- Born: Sarah Elizabeth Niemeyer December 25, 1884 Portsmouth, Virginia
- Died: February 14, 1960 (aged 75) Portsmouth, Virginia
- Known for: Painting (watercolor)

= Bessie Niemeyer Marshall =

American artist

Bessie Niemeyer Marshall was an American botanical illustrator known for her watercolor paintings of the wildflowers of Lee Memorial Park. Her artwork documented the variety of plant species being preserved in Lee Memorial Park, a Works Progress Administration-funded wildflower and bird sanctuary in Petersburg, Virginia.

Born Sarah Elizabeth Niemeyer on December 25, 1884, in Portsmouth, Virginia, Bessie Niemeyer married Myron Barrand Marshall, an Episcopalian priest, in 1907 and had nine children.
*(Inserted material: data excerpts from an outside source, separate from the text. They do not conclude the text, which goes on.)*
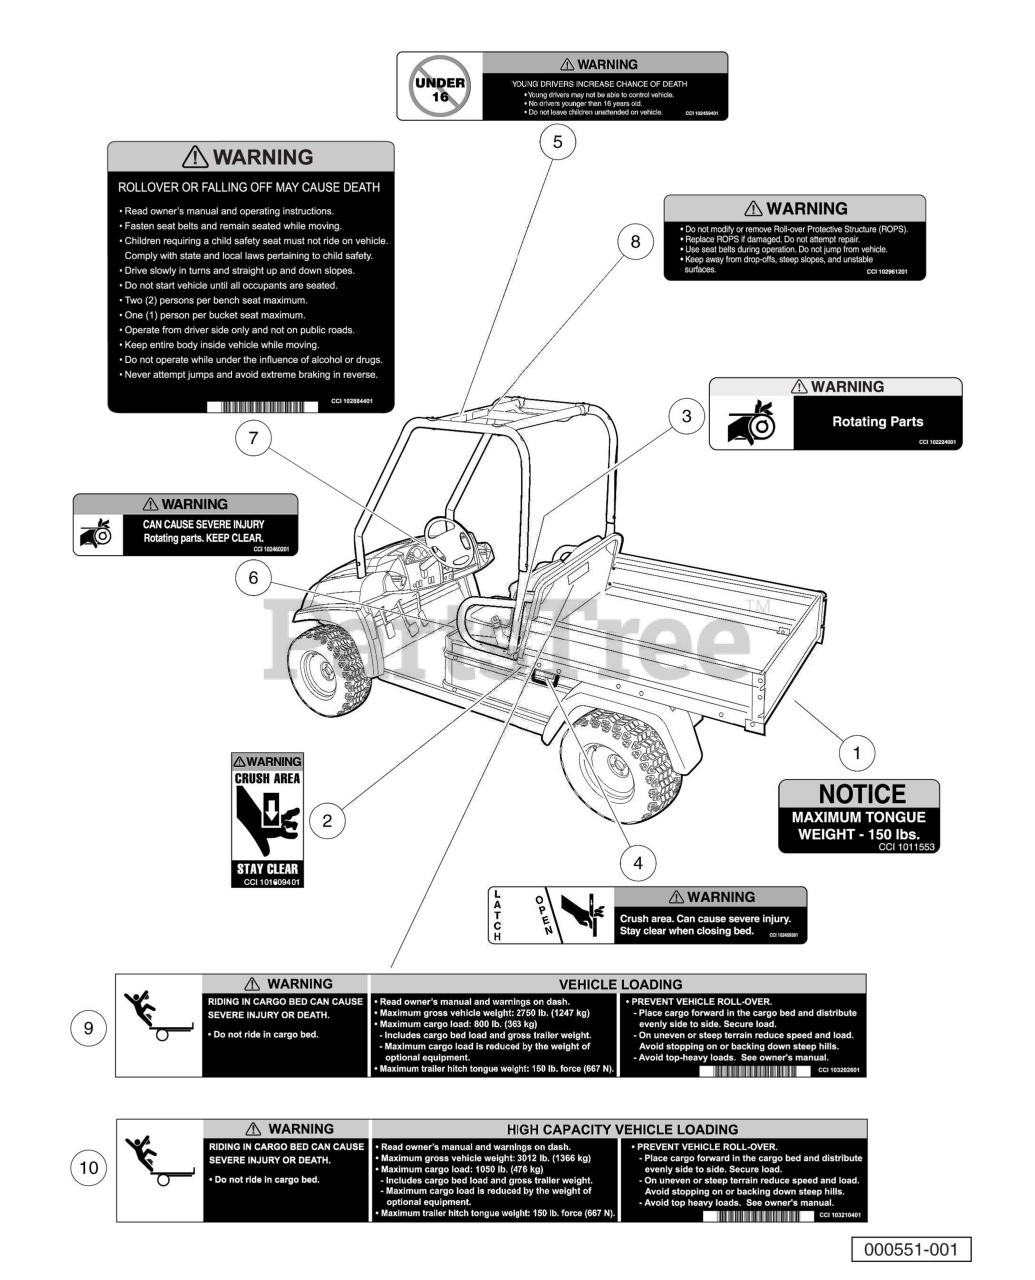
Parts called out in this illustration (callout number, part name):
1	Decal, Trailer Hitch
2	Decal, Crush Area Warning
3	Decal, Rotating Parts Warning
4	Decal, Bed Crush Area Warning
5	Decal, Young Driver Warning
6	Decal, Rotating Parts Warning
7	Decal, Operator Warning
8	Decal, Warning, AWD ROPS
9	Decal, Vehicles Loading, Standard Vehicle
10	Decal, Loading Capacity, High Capacity Option

After service in parishes in the Philippines and in Virginia, the family settled in Petersburg in 1937.

In 1935, the city of Petersburg, using W.P.A. (Women's and Professional Division) funds, authorized the creation of a 25-acre wildflower sanctuary in Lee Memorial Park. Under the direction of Petersburg Garden Club member Mary Donald Claiborne Holden, African American women labored on the project through 1940, clearing ravines, building ten miles of paths, and planting 365,00 plants, including 8,000 trees and 37,000 shrubs and more than one million honeysuckle roots to prevent erosion. In 1937, Holden hired Marshall to paint watercolors of the dried and pressed plant specimens of Lee Park flora. A self-taught artist, Marshall produced 238 watercolors of the Lee Park herbarium specimens; the paintings and 325 specimens were stored together in fourteen brown scrapbooks, ultimately housed for almost fifty years in the Petersburg Public Library. The collection was rediscovered by the Petersburg Garden Club in the 1990s. The current location of the collection is at Lewis Ginter Botanical Garden.
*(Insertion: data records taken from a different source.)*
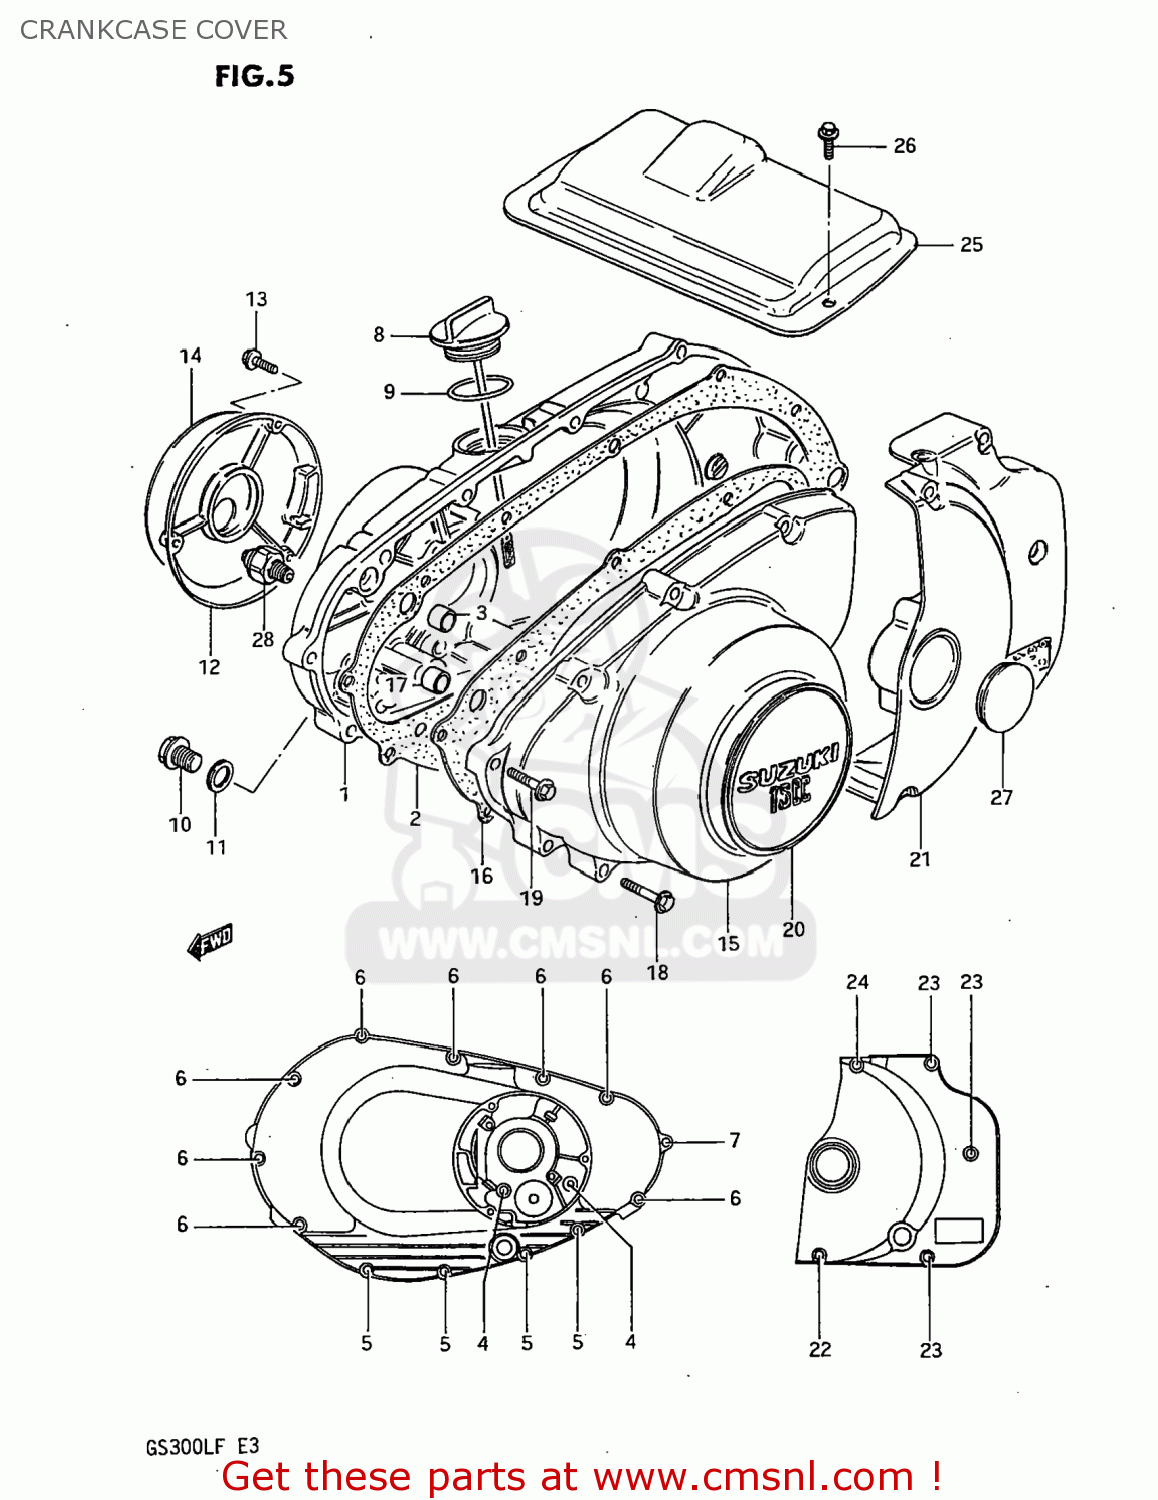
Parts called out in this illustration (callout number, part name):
1	COVER,CLUTCH
2	GASKET,CLUTCH COVER (MCA)
3	PIN
4	BOLT (6X50)
5	BOLT
6	BOLT (6X35)
7	BOLT
8	GAUGE,OIL LEVEL
9	O-RING
10	PLUG (14X12)
11	GASKET(14X19.2X2) (NAS)
12	COVER,CONTACT BREAKER
13	BOLT (5X20)
14	EMBLEM
15	COVER,MAGNETO
16	GASKET,MAGNETO COVER (MCA)
17	PIN
18	BOLT (6X30)
19	BOLT
20	EMBLEM
21	COVER,ENGINE SPROCKET
22	BOLT
23	BOLT (6X40)
24	BOLT (6X30)
25	COVER,STARTER MOTOR
26	BOLT
27	CAP(OD:36)
28	SWITCH ASSEMBLY
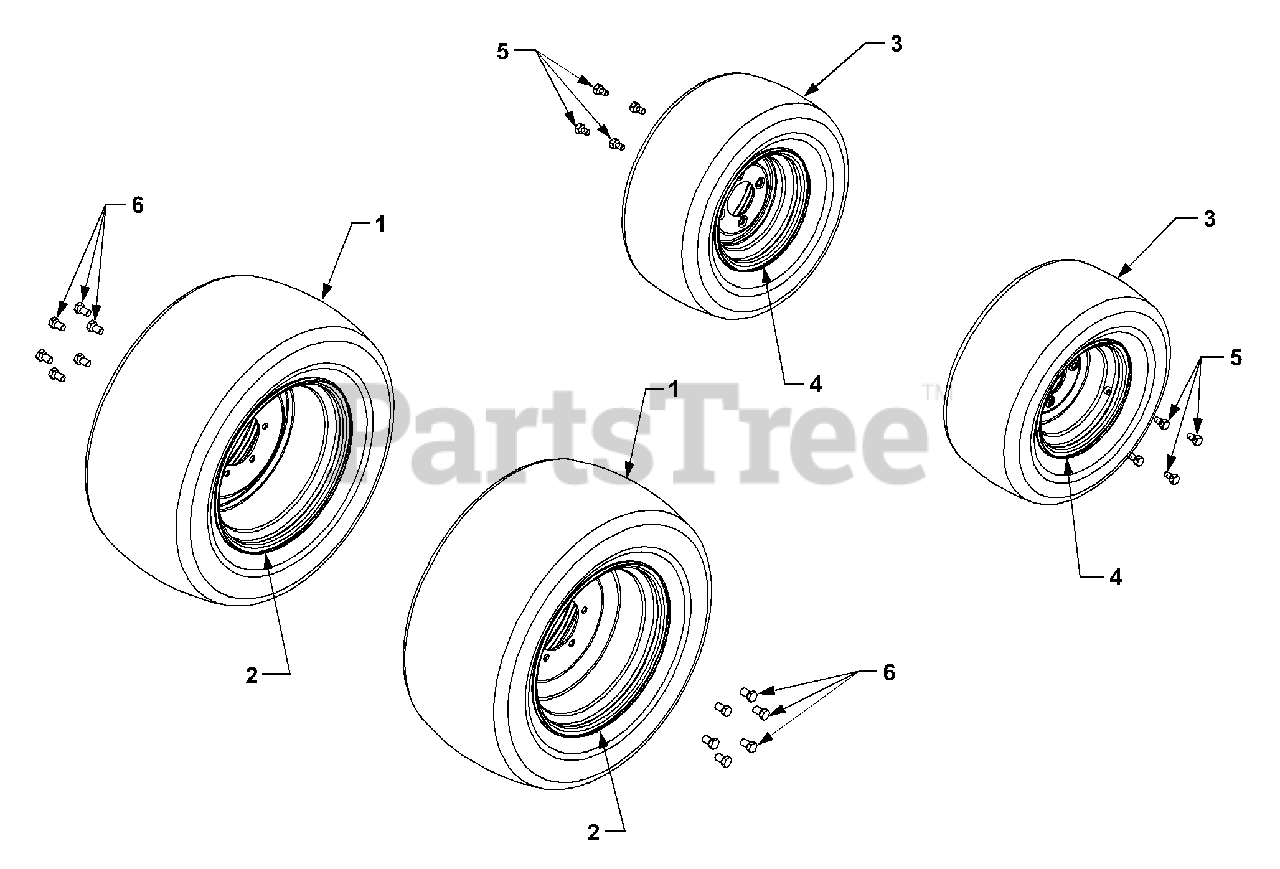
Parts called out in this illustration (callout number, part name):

Although she pursued other illustration assignments, Marshall had no other major commissions. She died on February 14, 1960, in Portsmouth, Virginia.
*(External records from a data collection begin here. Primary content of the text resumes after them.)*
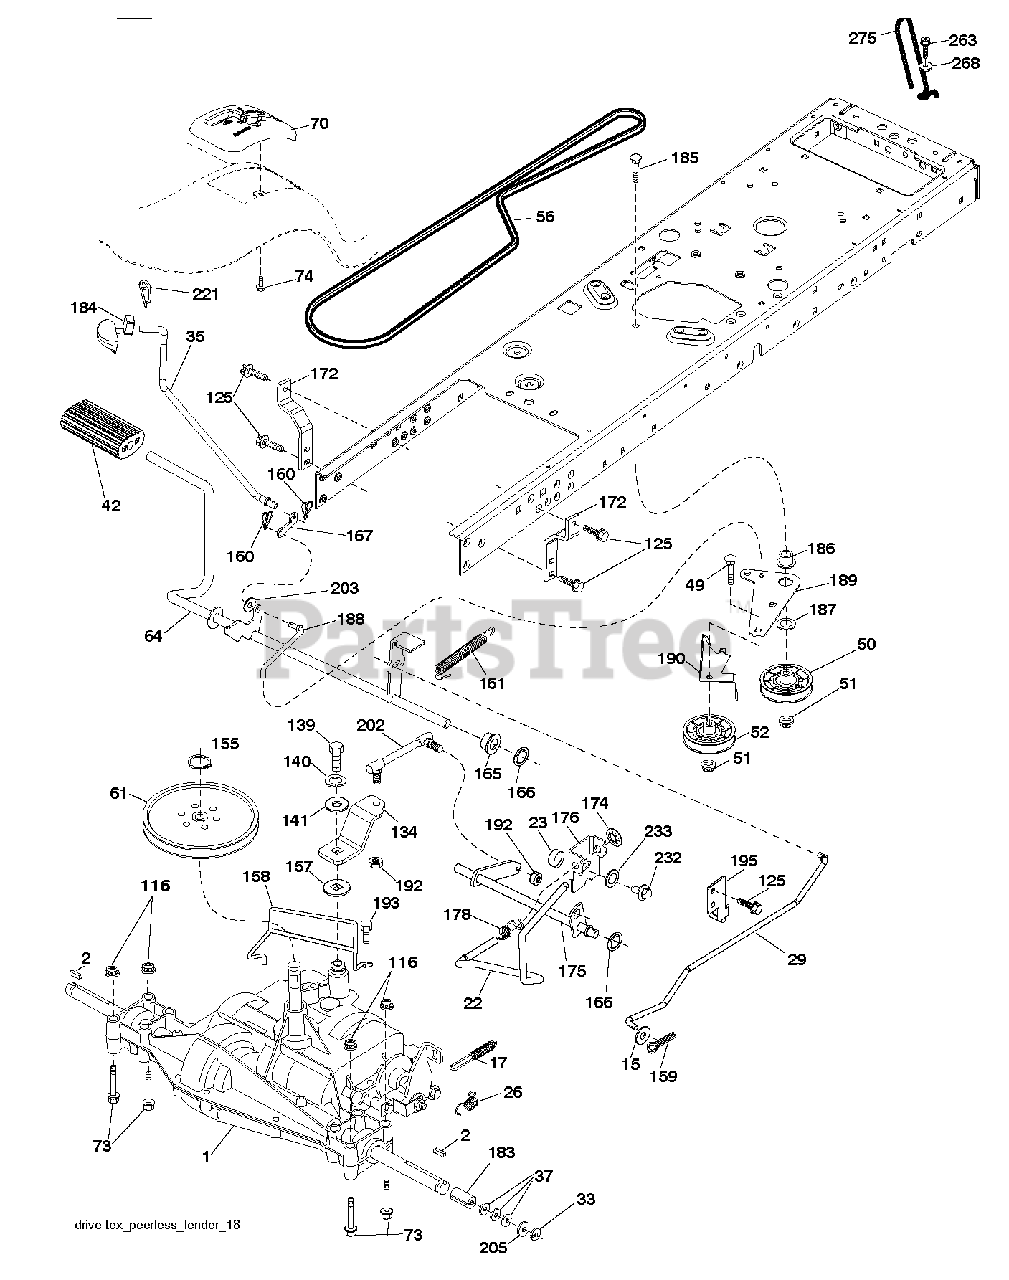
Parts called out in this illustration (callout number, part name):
2	SQUARE KEY
17	SPRING.BRAKE.PEERLESS.TEX
22	ROD.SHIFT.FENDER.TLT.2006
23	KNOB.DUCKHEAD.1/2
26	SPRING.BRAKE.RTN.GR.DR
29	ROD.BRAKE.PEERLESS
33	E-RING LT
35	ROD, BRAKE, PARK
42	PEDAL COVER T
49	BOLT
50	IDLER.FLAT.910.OFFSET
51	NUT LOCK FLG 3/8-16 UNC
52	IDLER.V-GROOVE.910.OFFSET
56	V-BELT.TRACTOR.DRIVE.P
61	PULLEY TRANS
64	SHAFT.ASM.PEDAL.BRAKE.
70	CONSOLE.SHIFT.
73	BOLT HEX 5/16-18 GR 5
74	SCREW.HI-LO.CONSOLE
116	NUT LOCK HEX FLANGE 5/16-18
125	SCREW
134	ARM SHIFT
139	BOLT 1/4-28X3/4
140	LOCKWASHER
141	WASHER LT
155	RETAINING RING LT
157	WASH-SHFT PLT LT
158	KEEPER.PMS.18/20.D4365
159	COTTER PIN
160	RETAINER CLIP
161	SPRING, RETURN LT
165	BUSHING.SHAFT.BRAKE.HAND
166	NUT.PUSH.625
167	LATCH.BRAKE.SPRING
172	STRAP.TRQ.LH.GEAR.DRIV
174	NUT.PUSH.500.2006
175	SHAFT ASM SHIFT
176	ARM.CLEVIS.ROD.SHIFT
178	SPRING.SHIFT.GT2006
183	SPACER AXLE
184	HANDLE PARKING BRAKE
186	SPACER.RETAINER
187	WASHER 12/32X2X10GA
188	LINK.CLUTCH.GROUND.DRIVE
189	BELLCRANK.GROUND.DRIVE.TEX.
190	KEEPER.BELLCRANK.DRIVE
192	NUT LOCK CENTER 1/4 -28 FNTHD
193	SCREW 5/16"
195	BRKT.ROD.BRAKE.PEERLES
202	LINK.SHIFT.PMST.18"
203	WASHER
221	RETAINER.SPRING.CLIP.H
232	BOLT FIN HEX 7/16-14 X 1
233	WASHER SERRATED
263	SCREW, 3/8-16X3/4
268	WASHER

Lee Memorial Park is now on the National Register of Historic Places. Marshall and the Lee Park W.P.A. project are the subjects of a monograph published in 2000. In 2014, fourteen reproductions of Marshall's paintings were exhibited in a joint show with reproductions of paintings by Mark Catesby and in 2016, the Petersburg Area Art League exhibited 20 reproductions of Marshall's paintings. In 2018 the Virginia Capitol Foundation announced that Marshall's name would be on the Virginia Women's Monument's glass Wall of Honor.